Just done a build for a friend and had no 2.5">3.5" bracket so I taped it to the underside of the dvd drive, it's out of sight and I didn't have to trail the power connector to the bottom of the case to power it


----------



## subhendu (Dec 17, 2011)

theonedub said:


> Most (if not all) SSDs have the same mounting screws on the bottom as other 2.5" drives. I built a computer earlier this year and mounted the drive like this with 2 screws holding it in:
> 
> http://img.techpowerup.org/111217/DSC00139.jpg
> 
> I think that looks perfectly fine, and 2 screws were enough to where it wouldnt move or rattle. With a SSD drive it would be more than enough


wow,your pc looks great ,so clean .



W1zzard said:


> hanging:
> http://img.techpowerup.org/111217/Capture177838.jpg
> 
> too lazy to put in drive tray:
> ...




Thank you all .


----------



## theonedub (Dec 17, 2011)

subhendu said:


> wow,your pc looks great ,so clean .



Thanks  That particular PC has long since been sold though. I built it to use up some parts and play around with the 460 without tearing apart my current PC. 

If you are going to be using an SSD, I think the spot I am talking about lets it be displayed nicely, esp when the case is open or if you have a large enough window. I dont think you should hide an SSD


----------



## JustaTinkerer (Dec 17, 2011)

theonedub said:


> Thanks  That particular PC has long since been sold though. I built it to use up some parts and play around with the 460 without tearing apart my current PC.
> 
> If you are going to be using an SSD, I think the spot I am talking about lets it be displayed nicely, esp when the case is open or if you have a large enough window. I dont think you should hide an SSD



If I could i would hid my PC, clean cut eyefinity setup with no PC showing at all, wireless mouse and keyboard...Hmmmm

I have a nice case and all but the minimal look is all that for me.

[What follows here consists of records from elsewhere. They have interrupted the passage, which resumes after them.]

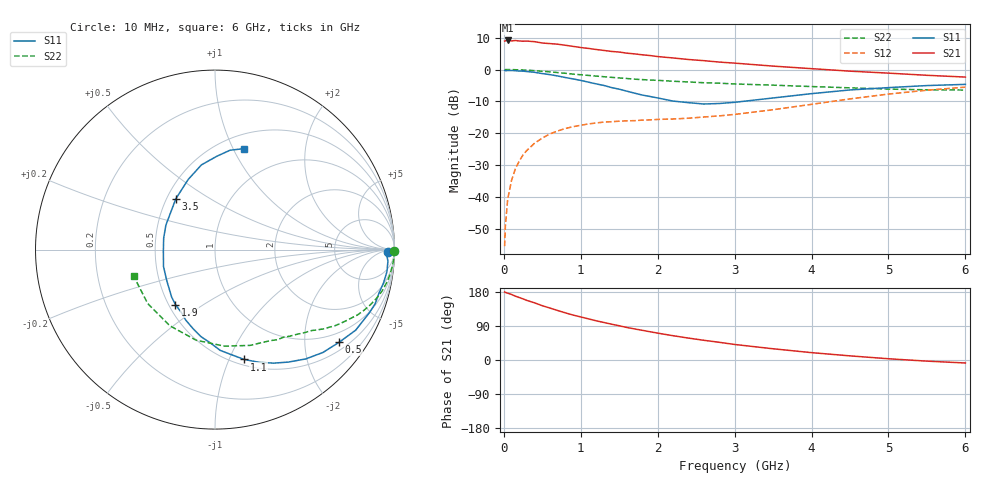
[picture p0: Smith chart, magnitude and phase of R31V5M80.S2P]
! SIEMENS Small Signal Semiconductors
! BFR181
! Si NPN RF Bipolar Junction Transistor in SOT23
! VCE = 1.5 V  IC = 0.8 mA
! Common Emitter S-Parameters:  May  1996
# GHz  S  MA  R  50
!  f  S11  S21  S12  S22
! GHz  MAG  ANG  MAG  ANG  MAG  ANG  MAG  ANG
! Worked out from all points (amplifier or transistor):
!   36 points, 10 MHz to 6 GHz, reference 50 ohm
!   highest |S21| = 9.1 dB at 50 MHz (marker M1)
!   |S21| within 3 dB of that: start of sweep to 1.257 GHz
!   unconditionally stable (mu >= 1): 2.094 GHz to 3.826 GHz
!   at 250 MHz: K = 0.14, MSG = 17.8 dB, |S12| = -26.8 dB
!   at 1.4 GHz: K = 0.72, MSG = 11.0 dB, |S12| = -16.4 dB
!   at 6 GHz: K = 0.91, MSG = 1.6 dB, |S12| = -5.5 dB
!   S11 on the Smith chart (normalised r, x): 10 MHz: 50, -21; 500 MHz: 0.71, -2.86; 1.1 GHz: 0.56, -1.14; 1.9 GHz: 0.54, -0.39; 3.5 GHz: 0.56, +0.36; 6 GHz: 0.64, +1.10
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0.01  0.9665 -0.8  2.79 179.6  0.0017 93.0  0.9993 -0.4
0.02  0.9559 -1.5  2.813 178.4  0.0035 85.1  0.9966 -0.7
0.05  0.9656 -3.8  2.853 176.4  0.0093 88.7  0.9983 -1.8
0.1  0.9659 -7.3  2.81 173.0  0.0182 85.6  0.9962 -3.5
0.15  0.9571 -11.2  2.845 168.4  0.0279 82.0  0.992 -5.4
0.2  0.9458 -14.6  2.803 164.9  0.0366 80.1  0.9872 -7.1
0.3  0.9291 -22.3  2.791 157.2  0.054 75.5  0.976 -10.5
0.4  0.9033 -29.8  2.729 150.8  0.07 70.5  0.9593 -13.9
0.5  0.8632 -36.7  2.602 143.3  0.0842 66.3  0.939 -16.9
0.7  0.7917 -50.3  2.493 130.6  0.1089 58.6  0.8951 -22.3
0.8  0.7481 -56.9  2.399 124.4  0.1189 55.1  0.8728 -24.7
1.1  0.6334 -75.1  2.141 108.6  0.1402 47.1  0.8078 -30.8
1.3  0.5625 -87.0  1.991 99.0  0.1497 43.3  0.7704 -34.1
1.6  0.4572 -105.5  1.803 85.8  0.1568 40.0  0.7229 -38.3
1.9  0.3775 -125.7  1.656 74.6  0.162 39.2  0.6836 -42.4
2.2  0.3198 -147.1  1.516 64.1  0.1675 39.9  0.6542 -46.3
2.6  0.2877 -178.9  1.376 52.0  0.1801 42.9  0.6201 -51.9
3  0.3058 153.5  1.259 41.0  0.1976 46.0  0.5932 -58.8
3.5  0.3579 127.5  1.13 29.6  0.2341 48.6  0.5682 -70.0
4.5  0.4781 99.1  0.942 10.9  0.3459 45.9  0.5157 -101.8
5.5  0.5599 81.4  0.811 -3.0  0.4738 33.4  0.4804 -141.4
6  0.5847 74.1  0.761 -7.9  0.529 25.4  0.4766 -161.9

PS very very clean setup on the current PC get that 24 pin connector sleeved and I would give it a 11 out of 10, the way it sits 10/10


----------



## The_Ish (Dec 18, 2011)

Mine is just laying in the case.. Like W1zzard said, there aren't any vibration, and might I add, you could probably drop an SSD from the roof of a ten story building and it would still work, who cares if it's not mounted. Worst case scenario, a cable comes lose, unless of course you have locks on your sata cables.


----------



## theJesus (Dec 18, 2011)

The_Ish said:


> Mine is just laying in the case.. Like W1zzard said, there aren't any vibration, and might I add, you could probably drop an SSD from the roof of a ten story building and it would still work, who cares if it's not mounted. Worst case scenario, a cable comes lose, unless of course you have locks on your sata cables.


Drop from a ten-story building would probably crack the PCB.


----------



## anoobarak (Dec 18, 2011)

Mine's under the HDD tray's, just sitting there. Though, I ordered a bracket for like 2$, just to hold it in place so the airflow of the front fan would reach it. 30C is normal operating temp for ssd's right? The one I returned (kingston V200) would reach 40C while idling.


----------



## MN12BIRD (Dec 18, 2011)

I let it hang loose for awhile but that is kinda ghetto!  I was able to buy the nice beefy mount that comes with the Cooler Master 690 II from someone who didn't need it.  It actually looks nice and it only cost me like 5 bucks.  Lots of mid range cases come with the bracket so if you know someone who buys an SSD that comes with one just buy it off them cheap!


----------